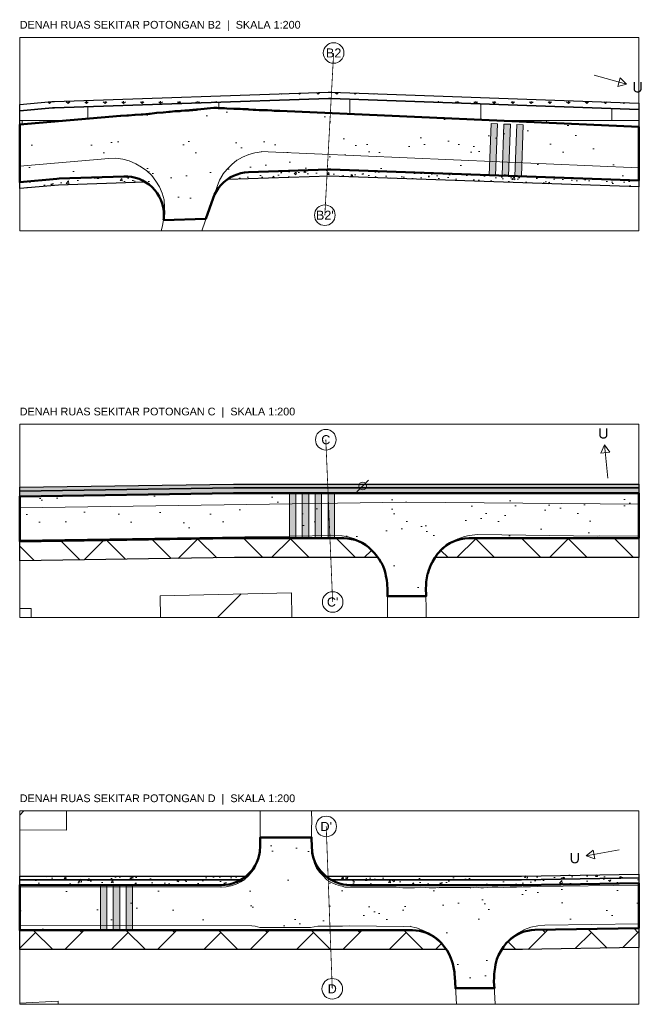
# Model space of a CAD drawing. Header units: metres. Extents: x 0 to 124, y -129 to 10.
# Tile 4 of 7: x 76 to 124, y -129 to -53. Entities that reach past the tile are written whole.
import ezdxf
from ezdxf.enums import TextEntityAlignment as Align

# ---------------------------------------------------------------- set-up
doc = ezdxf.new("R2010")
doc.units = ezdxf.units.M
doc.linetypes.add('PHANTOM', pattern=[6.35, 3.175, -0.635, 0.635, -0.635, 0.635, -0.635])
for name, color, linetype, lineweight in [('D32_PNP_ARSIR', 8, 'Continuous', 9), ('D32_PNP_BATAS_RMJ', 1, 'PHANTOM', 25), ('D32_PNP_KONSTRUKSI', 7, 'Continuous', 25), ('D32_PNP_POTONGAN', 7, 'Continuous', 50), ('D32_PNP_TAMPAK', 8, 'Continuous', 18), ('D32_PNP_TEKS', 7, 'Continuous', 18)]:
    doc.layers.add(name, color=color, linetype=linetype, lineweight=lineweight)
doc.styles.add('D32_ARIAL', font='arial.ttf')

msp = doc.modelspace()

# ---------------------------------------------------------------- hatches: boundary and pattern name
at = {"layer": 'D32_PNP_ARSIR'}
h = msp.add_hatch(dxfattribs=at)
h.set_pattern_fill('GRASS', scale=0.04)
h.paths.add_polyline_path([(78.503, -59.472), (78.694, -59.46), (99.919, -58.751), (100.143, -58.751), (124, -59.594), (124, -60.094), (100.125, -59.251), (99.936, -59.251), (78.711, -59.96), (78.549, -59.97), (76, -60.206), (76, -59.704)])
h = msp.add_hatch(dxfattribs=at)
h.set_pattern_fill('AR-B816', scale=0.025)
h.paths.add_polyline_path([(78.549, -59.97), (78.711, -59.96), (99.936, -59.251), (100.125, -59.251), (124, -60.094), (124, -61.423), (96.169, -60.177), (96.169, -60.177), (96.143, -60.176), (96.142, -60.176), (95.725, -60.164), (95.538, -60.153), (95.209, -60.124), (95.209, -60.124), (95.15, -60.12), (95.149, -60.12), (95.124, -60.12), (95.123, -60.12), (94.858, -60.125), (94.576, -60.117), (94.311, -60.097), (94.311, -60.097), (94.288, -60.096), (94.288, -60.096), (94.27, -60.095), (94.27, -60.095), (94.099, -60.091), (93.779, -60.066), (93.68, -60.053), (93.679, -60.052), (93.61, -60.05), (93.609, -60.05), (93.59, -60.05), (93.291, -60.043), (93.09, -60.019), (93.089, -60.019), (93.039, -60.015), (93.037, -60.015), (92.947, -60.017), (92.946, -60.017), (92.876, -60.022), (92.608, -60.019), (92.054, -59.987), (91.881, -59.971), (91.879, -59.971), (91.418, -59.959), (91.296, -59.953), (91.18, -59.946), (91.179, -59.945), (91.166, -59.946), (91.165, -59.946), (91.102, -59.948), (91.102, -59.948), (91.075, -59.95), (91.075, -59.95), (91.054, -59.952), (91.054, -59.952), (89.792, -60.081), (89.699, -60.085), (89.697, -60.085), (89.695, -60.086), (89.693, -60.086), (89.692, -60.086), (89.455, -60.106), (89.454, -60.106), (89.39, -60.115), (89.197, -60.134), (89.197, -60.134), (89.101, -60.146), (88.859, -60.157), (88.854, -60.157), (88.854, -60.157), (88.825, -60.158), (88.824, -60.158), (88.789, -60.161), (88.789, -60.161), (88.516, -60.184), (88.405, -60.192), (88.083, -60.208), (88.083, -60.208), (88.062, -60.209), (88.061, -60.209), (88.034, -60.212), (88.034, -60.212), (87.653, -60.254), (87.558, -60.263), (87.113, -60.297), (86.637, -60.334), (86.636, -60.334), (86.616, -60.336), (86.616, -60.336), (86.612, -60.337), (86.611, -60.337), (86.118, -60.399), (86.025, -60.409), (85.548, -60.454), (85.421, -60.463), (84.963, -60.487), (84.962, -60.487), (84.957, -60.487), (84.957, -60.487), (84.933, -60.489), (84.933, -60.489), (84.429, -60.538), (84.296, -60.547), (83.841, -60.571), (83.841, -60.571), (83.835, -60.571), (83.835, -60.571), (83.813, -60.573), (83.813, -60.573), (76, -61.247), (76, -60.206)])
h = msp.add_hatch(dxfattribs=at)
h.set_pattern_fill('AR-SAND', scale=0.09)
h.paths.add_polyline_path([(83.815, -60.593), (83.837, -60.591), (83.842, -60.591), (84.297, -60.567), (84.431, -60.557), (84.935, -60.509), (84.959, -60.507), (84.964, -60.507), (85.422, -60.483), (85.55, -60.474), (86.027, -60.429), (86.12, -60.419), (86.614, -60.357), (86.618, -60.356), (86.638, -60.354), (87.114, -60.317), (87.56, -60.283), (87.655, -60.274), (88.036, -60.232), (88.063, -60.229), (88.084, -60.228), (88.406, -60.212), (88.518, -60.204), (88.791, -60.181), (88.826, -60.178), (88.855, -60.177), (88.86, -60.177), (89.103, -60.166), (89.199, -60.154), (89.392, -60.135), (89.457, -60.126), (89.7, -60.106), (89.699, -60.105), (89.793, -60.101), (91.056, -59.972), (91.076, -59.97), (91.103, -59.968), (91.166, -59.966), (91.179, -59.965), (91.295, -59.973), (91.417, -59.979), (91.879, -59.991), (92.053, -60.007), (92.607, -60.039), (92.877, -60.042), (92.947, -60.037), (93.038, -60.035), (93.087, -60.038), (93.289, -60.063), (93.59, -60.07), (93.61, -60.07), (93.678, -60.072), (93.777, -60.086), (94.098, -60.111), (94.269, -60.115), (94.287, -60.116), (94.31, -60.117), (94.575, -60.137), (94.858, -60.145), (95.124, -60.14), (95.149, -60.14), (95.208, -60.144), (95.537, -60.173), (95.724, -60.184), (96.142, -60.196), (96.168, -60.197), (124, -61.443), (124, -65.598), (100.128, -64.754), (99.922, -64.754), (93.732, -64.961), (93.433, -64.986), (93.137, -65.041), (92.849, -65.125), (92.57, -65.238), (92.304, -65.378), (92.053, -65.544), (91.82, -65.734), (91.608, -65.947), (91.418, -66.179), (91.252, -66.43), (91.111, -66.696), (90.999, -66.975), (90.444, -68.573), (87.152, -68.683), (87.169, -68.563), (87.182, -68.264), (87.165, -67.964), (87.119, -67.669), (87.043, -67.379), (86.939, -67.098), (86.807, -66.829), (86.649, -66.575), (86.466, -66.337), (86.261, -66.119), (86.035, -65.922), (85.791, -65.749), (85.53, -65.602), (85.256, -65.481), (84.971, -65.387), (84.679, -65.323), (84.381, -65.288), (84.082, -65.283), (79.064, -65.451), (78.888, -65.462), (76, -65.73), (76, -61.267)])
h = msp.add_hatch(color=252, dxfattribs=at)
h.dxf.hatch_style = 1
h.paths.add_polyline_path([(112.545, -61.19), (113.045, -61.208), (112.903, -65.206), (112.404, -65.188)])
h = msp.add_hatch(color=252, dxfattribs=at)
h.dxf.hatch_style = 1
h.paths.add_polyline_path([(113.544, -61.226), (114.044, -61.243), (113.903, -65.241), (113.403, -65.223)])
h = msp.add_hatch(color=252, dxfattribs=at)
h.dxf.hatch_style = 1
h.paths.add_polyline_path([(114.544, -61.261), (115.043, -61.279), (114.902, -65.276), (114.402, -65.259)])
h = msp.add_hatch(dxfattribs=at)
h.set_pattern_fill('AR-CONC', scale=0.01)
h.paths.add_polyline_path([(100.025, -65.251), (92.134, -65.515), (92.314, -65.395), (92.578, -65.256), (92.855, -65.144), (93.142, -65.06), (93.435, -65.006), (93.734, -64.981), (99.922, -64.774), (100.128, -64.774), (124, -65.618), (124, -66.098)])
h = msp.add_hatch(dxfattribs=at)
h.set_pattern_fill('AR-CONC', scale=0.01)
h.paths.add_polyline_path([(78.889, -65.482), (79.065, -65.471), (84.082, -65.303), (84.38, -65.308), (84.676, -65.343), (84.966, -65.407), (85.249, -65.499), (85.521, -65.619), (85.714, -65.729), (79.007, -65.953), (76, -66.232), (76, -65.75)])
h = msp.add_hatch(dxfattribs=at)
h.set_pattern_fill('AR-CONC', scale=0.01)
h.paths.add_polyline_path([(124, -89.15), (124, -89.45), (92.631, -89.45), (92.593, -89.45), (76, -89.699), (76, -89.399), (92.588, -89.15), (92.631, -89.15)])
h = msp.add_hatch(dxfattribs=at)
h.set_pattern_fill('AR-CONC', scale=0.01)
h.paths.add_polyline_path([(124, -89.45), (124, -89.83), (92.622, -89.83), (92.622, -89.83), (92.589, -89.83), (92.589, -89.83), (76, -90.079), (76, -89.699), (92.593, -89.45), (92.631, -89.45)])
h = msp.add_hatch(dxfattribs=at)
h.set_pattern_fill('AR-SAND', scale=0.09)
h.paths.add_polyline_path([(92.59, -89.85), (92.622, -89.85), (124, -89.85), (124, -93.35), (110.818, -93.35), (110.513, -93.366), (110.21, -93.412), (109.914, -93.49), (109.627, -93.597), (109.353, -93.732), (109.094, -93.895), (108.853, -94.084), (108.843, -94.092), (108.663, -94.262), (108.497, -94.446), (108.393, -94.571), (108.178, -94.866), (108.001, -95.185), (107.984, -95.22), (107.887, -95.413), (107.794, -95.619), (107.717, -95.832), (107.663, -96), (107.638, -96.083), (107.631, -96.105), (107.559, -96.415), (107.52, -96.731), (107.516, -96.785), (107.512, -96.857), (107.504, -97.042), (107.501, -97.196), (107.504, -97.85), (104.511, -97.85), (104.509, -97.435), (104.509, -97.409), (104.51, -97.396), (104.513, -97.331), (104.502, -96.905), (104.497, -96.855), (104.46, -96.596), (104.437, -96.494), (104.389, -96.258), (104.356, -96.075), (104.278, -95.796), (104.173, -95.525), (104.043, -95.266), (104.007, -95.203), (103.867, -94.978), (103.773, -94.842), (103.63, -94.652), (103.474, -94.474), (103.472, -94.473), (103.402, -94.394), (103.401, -94.395), (103.258, -94.236), (103.04, -94.036), (102.803, -93.86), (102.549, -93.707), (102.282, -93.58), (102.004, -93.48), (101.718, -93.408), (101.425, -93.365), (101.13, -93.35), (92.663, -93.35), (92.618, -93.35), (76, -93.599), (76, -90.099)])
h = msp.add_hatch(color=252, dxfattribs=at)
h.dxf.hatch_style = 1
h.paths.add_polyline_path([(96.907, -89.85), (97.407, -89.85), (97.407, -93.35), (96.907, -93.35)])
h = msp.add_hatch(color=252, dxfattribs=at)
h.dxf.hatch_style = 1
h.paths.add_polyline_path([(97.907, -89.85), (98.407, -89.85), (98.407, -93.35), (97.907, -93.35)])
h = msp.add_hatch(color=252, dxfattribs=at)
h.dxf.hatch_style = 1
h.paths.add_polyline_path([(98.907, -89.85), (99.407, -89.85), (99.407, -93.35), (98.907, -93.35)])
h = msp.add_hatch(color=252, dxfattribs=at)
h.dxf.hatch_style = 1
h.paths.add_polyline_path([(99.907, -89.85), (100.407, -89.85), (100.407, -93.35), (99.907, -93.35)])
h = msp.add_hatch(dxfattribs=at)
h.set_pattern_fill('AR-HBONE', scale=0.025)
h.paths.add_polyline_path([(92.619, -93.37), (92.663, -93.37), (101.129, -93.37), (101.423, -93.384), (101.714, -93.428), (101.998, -93.499), (102.275, -93.599), (102.54, -93.725), (102.792, -93.876), (103.027, -94.052), (103.244, -94.25), (103.386, -94.408), (103.388, -94.409), (103.389, -94.411), (103.391, -94.412), (103.392, -94.412), (103.457, -94.486), (103.458, -94.486), (103.459, -94.487), (103.615, -94.665), (103.754, -94.85), (92.652, -94.85), (76, -95.1), (76, -93.619)])
h = msp.add_hatch(dxfattribs=at)
h.set_pattern_fill('AR-HBONE', scale=0.025)
h.paths.add_polyline_path([(108.409, -94.584), (108.512, -94.459), (108.677, -94.276), (108.856, -94.107), (108.866, -94.099), (109.106, -93.911), (109.363, -93.75), (109.635, -93.615), (109.92, -93.509), (110.214, -93.432), (110.515, -93.386), (110.819, -93.37), (124, -93.37), (124, -94.85), (108.215, -94.85)])
h = msp.add_hatch(dxfattribs=at)
h.set_pattern_fill('ANSI31', scale=2.5)
h.paths.add_polyline_path([(86.88, -97.826), (97.063, -97.574), (97.111, -99.5), (86.921, -99.5)])
h = msp.add_hatch(dxfattribs=at)
h.set_pattern_fill('ANSI31', scale=2.5)
h.paths.add_polyline_path([(76.892, -98.802), (76.892, -99.5), (76, -99.5), (76, -98.802)])
h = msp.add_hatch(dxfattribs=at)
h.set_pattern_fill('ANSI31', scale=2.5)
h.paths.add_polyline_path([(79.627, -115.98), (76, -115.969), (76, -114.5), (79.632, -114.5)])
h = msp.add_hatch(dxfattribs=at)
h.set_pattern_fill('AR-SAND', scale=0.09)
h.paths.add_polyline_path([(91.644, -120.25), (91.93, -120.236), (92.213, -120.195), (92.492, -120.128), (92.762, -120.034), (93.022, -119.914), (93.27, -119.771), (93.503, -119.604), (93.719, -119.416), (93.916, -119.208), (94.093, -118.982), (94.247, -118.741), (94.377, -118.486), (94.483, -118.22), (94.562, -117.944), (94.615, -117.663), (94.618, -117.642), (94.646, -117.226), (94.646, -116.55), (98.633, -116.55), (98.647, -117.305), (98.667, -117.595), (98.714, -117.882), (98.789, -118.164), (98.891, -118.436), (99.019, -118.697), (99.171, -118.945), (99.347, -119.177), (99.545, -119.391), (99.762, -119.584), (99.997, -119.756), (100.248, -119.904), (100.511, -120.027), (100.786, -120.124), (101.068, -120.194), (101.356, -120.236), (101.647, -120.25), (114.891, -120.25), (114.94, -120.25), (124, -120.101), (124, -123.601), (115.948, -123.734), (115.669, -123.751), (115.392, -123.795), (115.12, -123.864), (114.857, -123.958), (114.603, -124.077), (114.361, -124.219), (114.134, -124.382), (113.923, -124.566), (113.73, -124.769), (113.663, -124.846), (113.51, -125.039), (113.373, -125.242), (113.297, -125.366), (113.125, -125.69), (113.123, -125.693), (113.006, -125.993), (112.921, -126.304), (112.896, -126.419), (112.858, -126.638), (112.815, -126.948), (112.792, -127.171), (112.777, -127.406), (112.775, -127.757), (112.802, -128.25), (109.789, -128.25), (109.74, -127.369), (109.725, -127.197), (109.722, -127.168), (109.706, -127.001), (109.671, -126.742), (109.613, -126.488), (109.58, -126.368), (109.504, -126.127), (109.426, -125.913), (109.296, -125.611), (109.134, -125.324), (108.941, -125.057), (108.868, -124.967), (108.783, -124.866), (108.692, -124.764), (108.496, -124.561), (108.281, -124.378), (108.05, -124.216), (107.805, -124.076), (107.547, -123.96), (107.28, -123.869), (107.006, -123.803), (106.726, -123.763), (106.444, -123.75), (76, -123.75), (76, -120.25)])
h = msp.add_hatch(dxfattribs=at)
h.set_pattern_fill('AR-CONC', scale=0.01)
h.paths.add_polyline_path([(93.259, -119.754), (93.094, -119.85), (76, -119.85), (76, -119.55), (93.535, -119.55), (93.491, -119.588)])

TASK BRIEF:
Up to and including the line that contains "-0.635, 0.635, -0.635])", print the records above exactly from their first line, without any pictures.

EXERCISE RESULT:
# Model space of a CAD drawing. Header units: metres. Extents: x 0 to 124, y -129 to 10.
# Tile 4 of 7: x 76 to 124, y -129 to -53. Entities that reach past the tile are written whole.
import ezdxf
from ezdxf.enums import TextEntityAlignment as Align

# ---------------------------------------------------------------- set-up
doc = ezdxf.new("R2010")
doc.units = ezdxf.units.M
doc.linetypes.add('PHANTOM', pattern=[6.35, 3.175, -0.635, 0.635, -0.635, 0.635, -0.635])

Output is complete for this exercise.